WORK INSTRUCTION |
Among the entries below, only the lines starting at the one with "#1384 = ORIENTED_EDGE" and ending at the one with "#4120 = ORIENTED_EDGE", both included, are to be printed exactly.

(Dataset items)
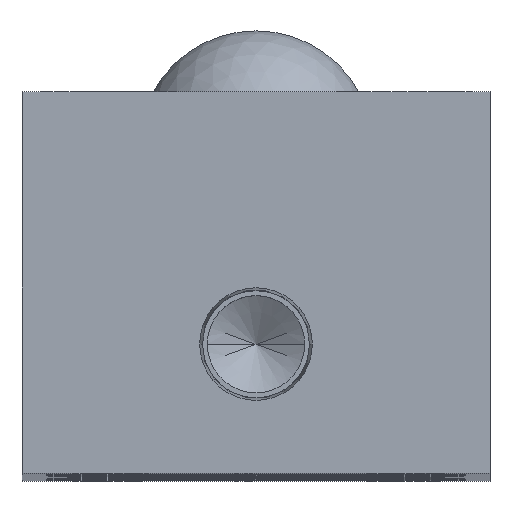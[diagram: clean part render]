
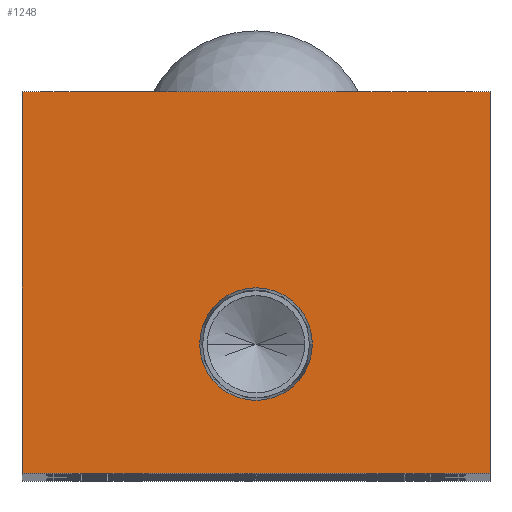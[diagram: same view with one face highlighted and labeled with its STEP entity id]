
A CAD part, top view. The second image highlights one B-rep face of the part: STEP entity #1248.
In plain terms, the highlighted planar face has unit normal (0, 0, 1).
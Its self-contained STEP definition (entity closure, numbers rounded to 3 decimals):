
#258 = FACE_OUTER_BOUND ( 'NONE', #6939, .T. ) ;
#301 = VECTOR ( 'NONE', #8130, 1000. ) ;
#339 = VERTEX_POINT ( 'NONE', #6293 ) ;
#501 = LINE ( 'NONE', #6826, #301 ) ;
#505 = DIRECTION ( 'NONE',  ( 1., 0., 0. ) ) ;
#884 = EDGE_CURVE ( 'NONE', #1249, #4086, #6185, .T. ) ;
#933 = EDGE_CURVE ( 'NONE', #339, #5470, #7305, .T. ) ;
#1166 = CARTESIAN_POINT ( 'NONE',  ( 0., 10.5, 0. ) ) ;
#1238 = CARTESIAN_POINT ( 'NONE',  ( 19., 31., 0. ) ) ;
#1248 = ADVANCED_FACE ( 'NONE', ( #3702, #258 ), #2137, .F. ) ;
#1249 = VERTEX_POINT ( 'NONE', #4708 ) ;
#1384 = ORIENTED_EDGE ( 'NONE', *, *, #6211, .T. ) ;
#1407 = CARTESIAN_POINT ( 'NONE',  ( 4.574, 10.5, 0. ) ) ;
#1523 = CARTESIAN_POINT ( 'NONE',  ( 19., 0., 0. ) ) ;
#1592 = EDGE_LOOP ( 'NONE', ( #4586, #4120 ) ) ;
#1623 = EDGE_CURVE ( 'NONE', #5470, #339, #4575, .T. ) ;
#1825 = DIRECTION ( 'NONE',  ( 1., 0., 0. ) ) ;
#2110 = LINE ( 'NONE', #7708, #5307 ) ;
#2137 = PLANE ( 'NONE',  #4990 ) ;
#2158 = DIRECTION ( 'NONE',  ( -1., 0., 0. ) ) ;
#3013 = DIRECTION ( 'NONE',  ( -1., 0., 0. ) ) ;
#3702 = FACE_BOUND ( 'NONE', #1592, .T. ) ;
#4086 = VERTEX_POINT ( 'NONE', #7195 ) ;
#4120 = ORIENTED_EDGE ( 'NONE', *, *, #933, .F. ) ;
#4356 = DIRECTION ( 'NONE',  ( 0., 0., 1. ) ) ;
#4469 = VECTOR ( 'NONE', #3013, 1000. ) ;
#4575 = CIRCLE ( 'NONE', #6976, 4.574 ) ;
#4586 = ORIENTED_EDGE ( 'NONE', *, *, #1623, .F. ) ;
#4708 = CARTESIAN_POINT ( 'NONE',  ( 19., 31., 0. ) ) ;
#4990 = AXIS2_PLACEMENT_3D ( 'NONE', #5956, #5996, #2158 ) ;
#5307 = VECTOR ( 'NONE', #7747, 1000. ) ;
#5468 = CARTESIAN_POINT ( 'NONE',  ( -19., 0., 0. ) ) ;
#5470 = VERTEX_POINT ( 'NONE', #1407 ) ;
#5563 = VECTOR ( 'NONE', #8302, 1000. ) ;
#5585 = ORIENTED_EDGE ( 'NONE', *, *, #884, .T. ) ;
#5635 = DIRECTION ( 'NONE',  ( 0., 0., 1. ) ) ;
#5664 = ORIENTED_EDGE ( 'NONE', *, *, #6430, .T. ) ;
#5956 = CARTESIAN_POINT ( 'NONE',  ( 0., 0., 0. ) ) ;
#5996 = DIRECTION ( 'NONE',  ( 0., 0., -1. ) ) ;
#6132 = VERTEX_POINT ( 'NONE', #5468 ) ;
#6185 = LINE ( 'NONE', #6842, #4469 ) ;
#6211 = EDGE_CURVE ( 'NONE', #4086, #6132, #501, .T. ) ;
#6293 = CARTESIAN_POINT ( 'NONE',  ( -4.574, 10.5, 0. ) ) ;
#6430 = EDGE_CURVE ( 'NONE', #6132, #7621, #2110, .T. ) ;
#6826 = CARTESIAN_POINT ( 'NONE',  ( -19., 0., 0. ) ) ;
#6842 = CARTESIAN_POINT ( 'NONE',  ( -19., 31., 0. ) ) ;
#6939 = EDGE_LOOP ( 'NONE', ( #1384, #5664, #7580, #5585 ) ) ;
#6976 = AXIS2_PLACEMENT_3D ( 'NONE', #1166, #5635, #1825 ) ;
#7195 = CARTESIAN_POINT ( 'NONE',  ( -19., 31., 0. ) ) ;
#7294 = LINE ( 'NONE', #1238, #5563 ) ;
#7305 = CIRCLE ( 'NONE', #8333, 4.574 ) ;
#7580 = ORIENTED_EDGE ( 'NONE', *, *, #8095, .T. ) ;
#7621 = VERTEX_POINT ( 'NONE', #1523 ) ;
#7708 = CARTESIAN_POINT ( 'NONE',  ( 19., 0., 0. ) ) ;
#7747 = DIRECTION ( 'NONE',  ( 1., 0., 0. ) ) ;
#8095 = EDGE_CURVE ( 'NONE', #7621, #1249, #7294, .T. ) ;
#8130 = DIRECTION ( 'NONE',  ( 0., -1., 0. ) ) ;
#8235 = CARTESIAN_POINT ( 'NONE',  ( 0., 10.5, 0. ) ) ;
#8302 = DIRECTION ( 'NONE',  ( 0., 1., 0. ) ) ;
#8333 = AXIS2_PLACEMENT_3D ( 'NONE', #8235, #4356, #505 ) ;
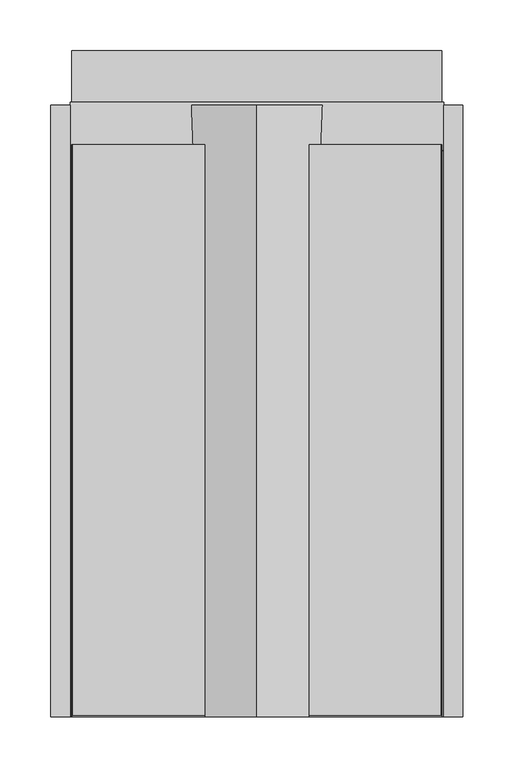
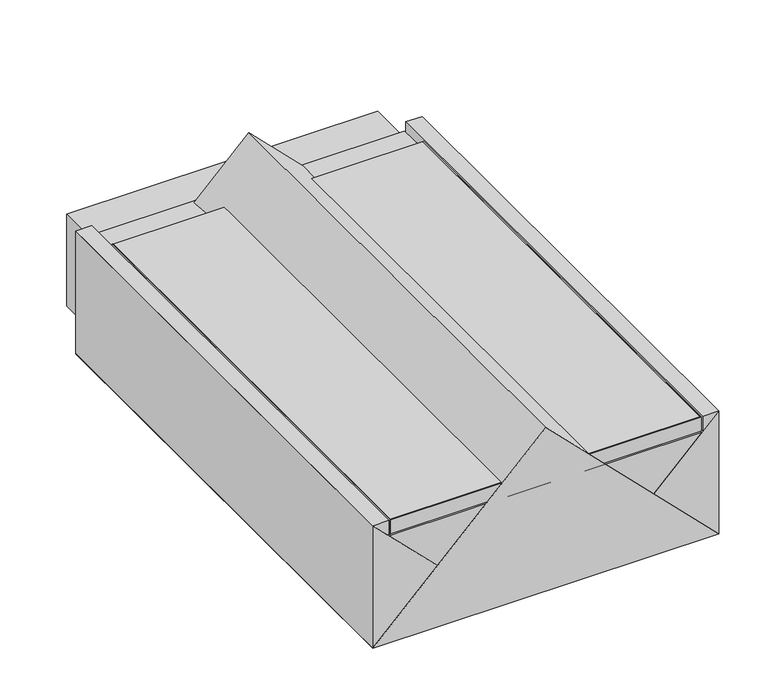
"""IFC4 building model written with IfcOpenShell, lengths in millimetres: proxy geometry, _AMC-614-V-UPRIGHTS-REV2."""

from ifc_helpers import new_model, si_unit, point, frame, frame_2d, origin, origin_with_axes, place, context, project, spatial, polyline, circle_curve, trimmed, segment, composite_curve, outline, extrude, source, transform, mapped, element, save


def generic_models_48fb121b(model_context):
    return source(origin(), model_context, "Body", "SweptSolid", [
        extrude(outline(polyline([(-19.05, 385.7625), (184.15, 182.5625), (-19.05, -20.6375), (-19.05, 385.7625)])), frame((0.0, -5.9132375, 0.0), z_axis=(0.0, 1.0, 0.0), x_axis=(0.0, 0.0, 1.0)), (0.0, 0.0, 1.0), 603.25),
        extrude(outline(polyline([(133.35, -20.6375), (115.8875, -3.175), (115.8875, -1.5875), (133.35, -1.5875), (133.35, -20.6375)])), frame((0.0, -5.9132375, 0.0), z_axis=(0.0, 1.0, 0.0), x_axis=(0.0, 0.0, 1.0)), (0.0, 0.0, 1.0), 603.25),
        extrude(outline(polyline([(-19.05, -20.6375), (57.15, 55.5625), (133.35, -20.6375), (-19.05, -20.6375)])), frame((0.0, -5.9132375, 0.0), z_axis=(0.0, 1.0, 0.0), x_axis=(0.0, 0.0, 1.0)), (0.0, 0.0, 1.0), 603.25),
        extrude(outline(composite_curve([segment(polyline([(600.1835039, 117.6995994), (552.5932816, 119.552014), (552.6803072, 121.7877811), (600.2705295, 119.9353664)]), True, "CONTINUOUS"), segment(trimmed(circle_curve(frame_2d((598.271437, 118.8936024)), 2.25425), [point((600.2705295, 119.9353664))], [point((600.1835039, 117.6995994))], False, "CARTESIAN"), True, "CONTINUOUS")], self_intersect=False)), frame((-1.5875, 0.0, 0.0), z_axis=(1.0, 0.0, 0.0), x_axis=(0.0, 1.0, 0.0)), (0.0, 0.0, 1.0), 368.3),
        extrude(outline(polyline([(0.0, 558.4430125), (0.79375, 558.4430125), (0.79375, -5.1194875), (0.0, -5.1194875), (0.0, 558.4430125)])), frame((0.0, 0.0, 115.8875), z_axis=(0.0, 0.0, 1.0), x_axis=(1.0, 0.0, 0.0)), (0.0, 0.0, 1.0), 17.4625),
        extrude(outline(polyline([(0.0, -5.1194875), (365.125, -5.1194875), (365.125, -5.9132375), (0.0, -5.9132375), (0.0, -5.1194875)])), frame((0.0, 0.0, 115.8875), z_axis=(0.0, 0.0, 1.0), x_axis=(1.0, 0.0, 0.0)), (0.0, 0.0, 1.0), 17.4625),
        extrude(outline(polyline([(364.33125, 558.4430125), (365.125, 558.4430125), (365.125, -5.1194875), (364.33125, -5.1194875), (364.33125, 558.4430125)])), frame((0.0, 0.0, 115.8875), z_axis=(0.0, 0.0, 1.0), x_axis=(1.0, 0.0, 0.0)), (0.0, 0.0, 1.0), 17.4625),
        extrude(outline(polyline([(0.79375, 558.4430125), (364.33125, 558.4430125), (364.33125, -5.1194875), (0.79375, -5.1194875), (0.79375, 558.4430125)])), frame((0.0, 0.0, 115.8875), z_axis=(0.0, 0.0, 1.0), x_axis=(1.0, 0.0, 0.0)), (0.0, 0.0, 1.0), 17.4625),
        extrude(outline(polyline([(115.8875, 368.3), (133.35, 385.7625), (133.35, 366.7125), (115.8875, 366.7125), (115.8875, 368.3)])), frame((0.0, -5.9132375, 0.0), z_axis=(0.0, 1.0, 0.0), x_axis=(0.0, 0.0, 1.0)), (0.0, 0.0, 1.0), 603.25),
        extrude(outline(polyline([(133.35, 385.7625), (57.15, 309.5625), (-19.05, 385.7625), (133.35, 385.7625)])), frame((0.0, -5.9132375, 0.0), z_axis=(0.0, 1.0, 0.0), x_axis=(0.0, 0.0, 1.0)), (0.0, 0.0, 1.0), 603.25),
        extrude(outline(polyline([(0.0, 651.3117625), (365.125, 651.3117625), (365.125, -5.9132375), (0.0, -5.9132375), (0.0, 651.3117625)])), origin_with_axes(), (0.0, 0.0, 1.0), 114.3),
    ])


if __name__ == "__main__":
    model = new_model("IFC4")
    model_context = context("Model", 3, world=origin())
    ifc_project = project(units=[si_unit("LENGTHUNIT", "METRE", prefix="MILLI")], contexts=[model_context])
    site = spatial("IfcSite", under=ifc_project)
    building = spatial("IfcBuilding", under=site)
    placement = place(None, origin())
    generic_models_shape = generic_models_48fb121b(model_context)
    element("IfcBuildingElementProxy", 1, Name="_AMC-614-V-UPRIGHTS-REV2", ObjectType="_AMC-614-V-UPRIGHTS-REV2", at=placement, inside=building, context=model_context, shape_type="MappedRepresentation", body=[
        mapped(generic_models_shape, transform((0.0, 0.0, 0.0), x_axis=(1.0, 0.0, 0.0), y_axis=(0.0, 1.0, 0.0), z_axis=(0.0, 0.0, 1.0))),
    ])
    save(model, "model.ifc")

REPLY |
#1384 = ORIENTED_EDGE ( 'NONE', *, *, #6211, .T. ) ;
#1407 = CARTESIAN_POINT ( 'NONE',  ( 4.574, 10.5, 0. ) ) ;
#1523 = CARTESIAN_POINT ( 'NONE',  ( 19., 0., 0. ) ) ;
#1592 = EDGE_LOOP ( 'NONE', ( #4586, #4120 ) ) ;
#1623 = EDGE_CURVE ( 'NONE', #5470, #339, #4575, .T. ) ;
#1825 = DIRECTION ( 'NONE',  ( 1., 0., 0. ) ) ;
#2110 = LINE ( 'NONE', #7708, #5307 ) ;
#2137 = PLANE ( 'NONE',  #4990 ) ;
#2158 = DIRECTION ( 'NONE',  ( -1., 0., 0. ) ) ;
#3013 = DIRECTION ( 'NONE',  ( -1., 0., 0. ) ) ;
#3702 = FACE_BOUND ( 'NONE', #1592, .T. ) ;
#4086 = VERTEX_POINT ( 'NONE', #7195 ) ;
#4120 = ORIENTED_EDGE ( 'NONE', *, *, #933, .F. ) ;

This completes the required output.